WORK REQUIRED — From the records, return each line that has the word "radius" in it.

_ _ _ _

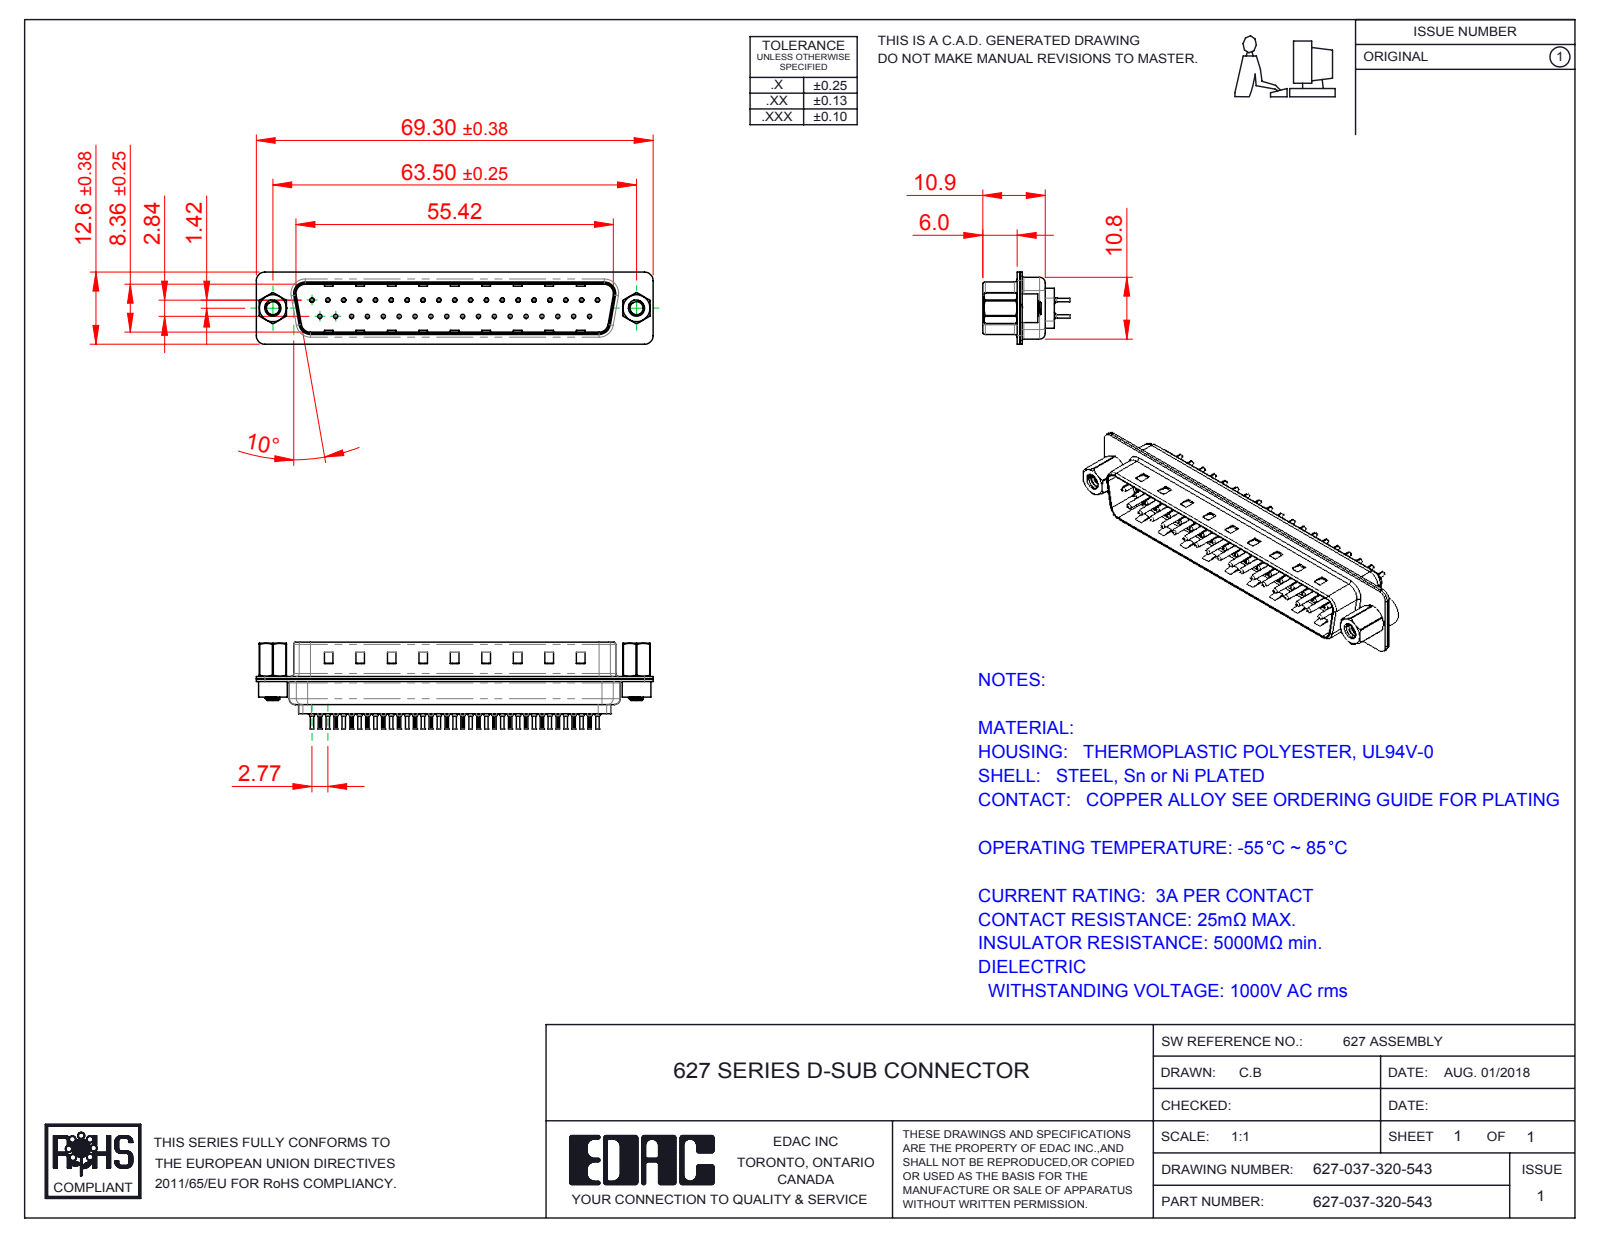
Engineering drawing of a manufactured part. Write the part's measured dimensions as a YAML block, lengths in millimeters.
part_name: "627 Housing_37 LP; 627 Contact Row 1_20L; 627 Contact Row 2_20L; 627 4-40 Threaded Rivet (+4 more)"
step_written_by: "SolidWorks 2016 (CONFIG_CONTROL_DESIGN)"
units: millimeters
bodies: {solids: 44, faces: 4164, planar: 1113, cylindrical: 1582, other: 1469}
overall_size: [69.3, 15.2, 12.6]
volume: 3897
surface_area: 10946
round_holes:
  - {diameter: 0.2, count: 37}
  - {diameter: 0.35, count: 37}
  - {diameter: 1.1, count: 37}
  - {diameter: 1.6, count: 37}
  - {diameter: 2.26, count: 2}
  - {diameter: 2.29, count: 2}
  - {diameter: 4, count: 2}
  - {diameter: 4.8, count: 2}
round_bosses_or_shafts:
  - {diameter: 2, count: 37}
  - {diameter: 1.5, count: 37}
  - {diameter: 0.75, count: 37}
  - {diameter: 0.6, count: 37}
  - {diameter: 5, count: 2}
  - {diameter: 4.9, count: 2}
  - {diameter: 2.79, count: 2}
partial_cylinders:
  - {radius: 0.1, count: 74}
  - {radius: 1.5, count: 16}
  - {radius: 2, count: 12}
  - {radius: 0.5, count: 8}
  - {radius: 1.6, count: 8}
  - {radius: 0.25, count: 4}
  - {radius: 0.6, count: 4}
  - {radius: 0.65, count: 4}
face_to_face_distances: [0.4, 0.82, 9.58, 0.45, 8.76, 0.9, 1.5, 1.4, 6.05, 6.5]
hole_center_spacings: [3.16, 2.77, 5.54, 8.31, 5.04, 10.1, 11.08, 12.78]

_ _ _ _

SOLVED EXERCISE —
  - {radius: 0.1, count: 74}
  - {radius: 1.5, count: 16}
  - {radius: 2, count: 12}
  - {radius: 0.5, count: 8}
  - {radius: 1.6, count: 8}
  - {radius: 0.25, count: 4}
  - {radius: 0.6, count: 4}
  - {radius: 0.65, count: 4}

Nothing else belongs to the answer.